• _Task to complete_: Find each line of the material below in which the word "Incl" occurs, and return it.

• _Data in this exercise_:

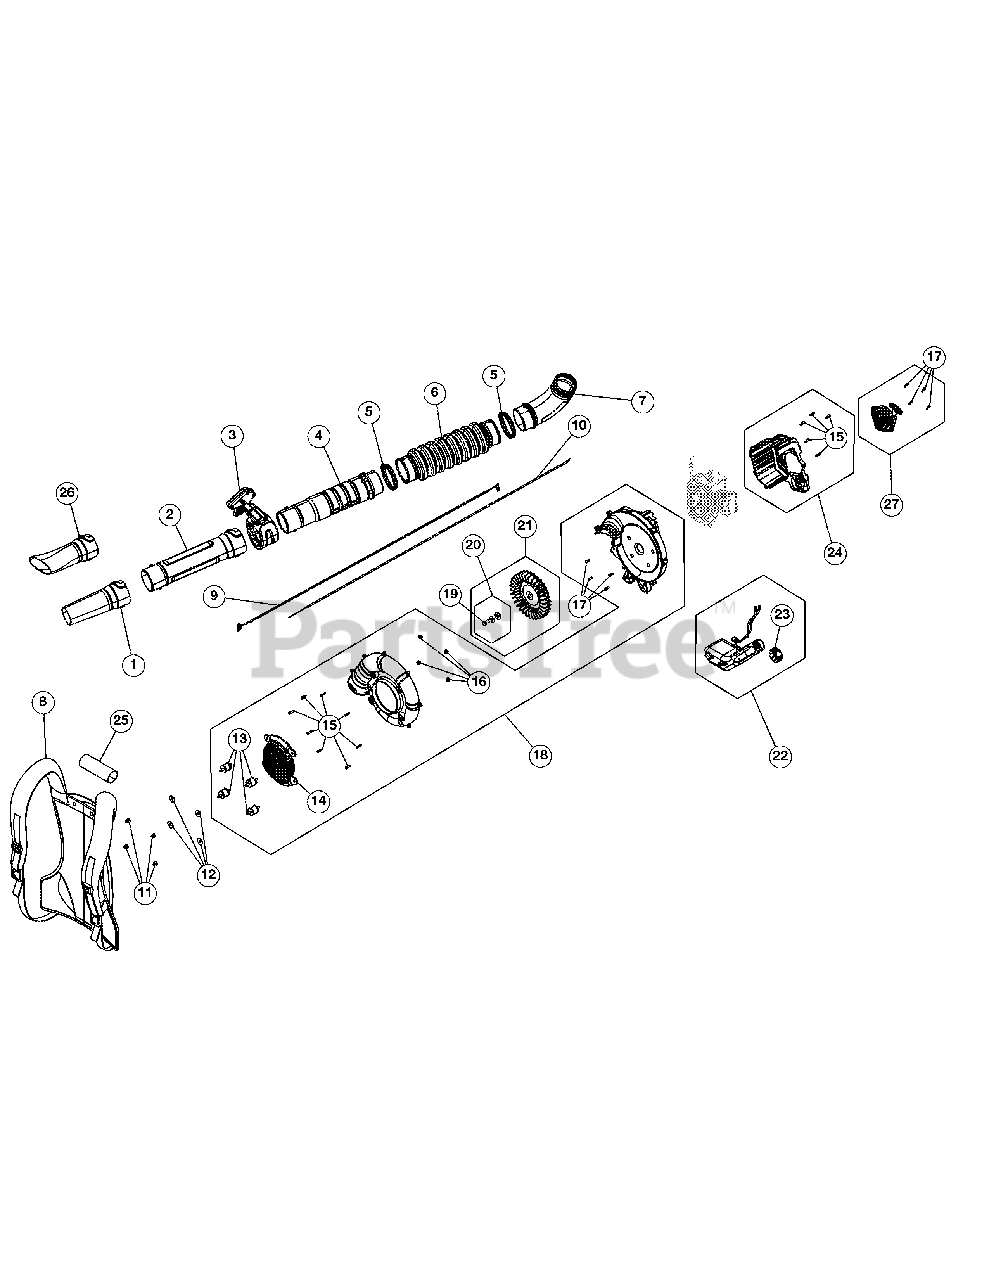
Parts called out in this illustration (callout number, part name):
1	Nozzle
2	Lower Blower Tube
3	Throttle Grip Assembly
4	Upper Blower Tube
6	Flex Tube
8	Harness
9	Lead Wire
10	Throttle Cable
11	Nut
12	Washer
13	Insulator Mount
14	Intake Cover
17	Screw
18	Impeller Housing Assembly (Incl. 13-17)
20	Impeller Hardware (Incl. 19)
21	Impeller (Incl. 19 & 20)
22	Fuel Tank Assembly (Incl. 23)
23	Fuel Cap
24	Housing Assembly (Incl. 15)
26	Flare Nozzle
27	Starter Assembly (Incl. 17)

• _Output of the task_:
18	Impeller Housing Assembly (Incl. 13-17)
20	Impeller Hardware (Incl. 19)
21	Impeller (Incl. 19 & 20)
22	Fuel Tank Assembly (Incl. 23)
24	Housing Assembly (Incl. 15)
27	Starter Assembly (Incl. 17)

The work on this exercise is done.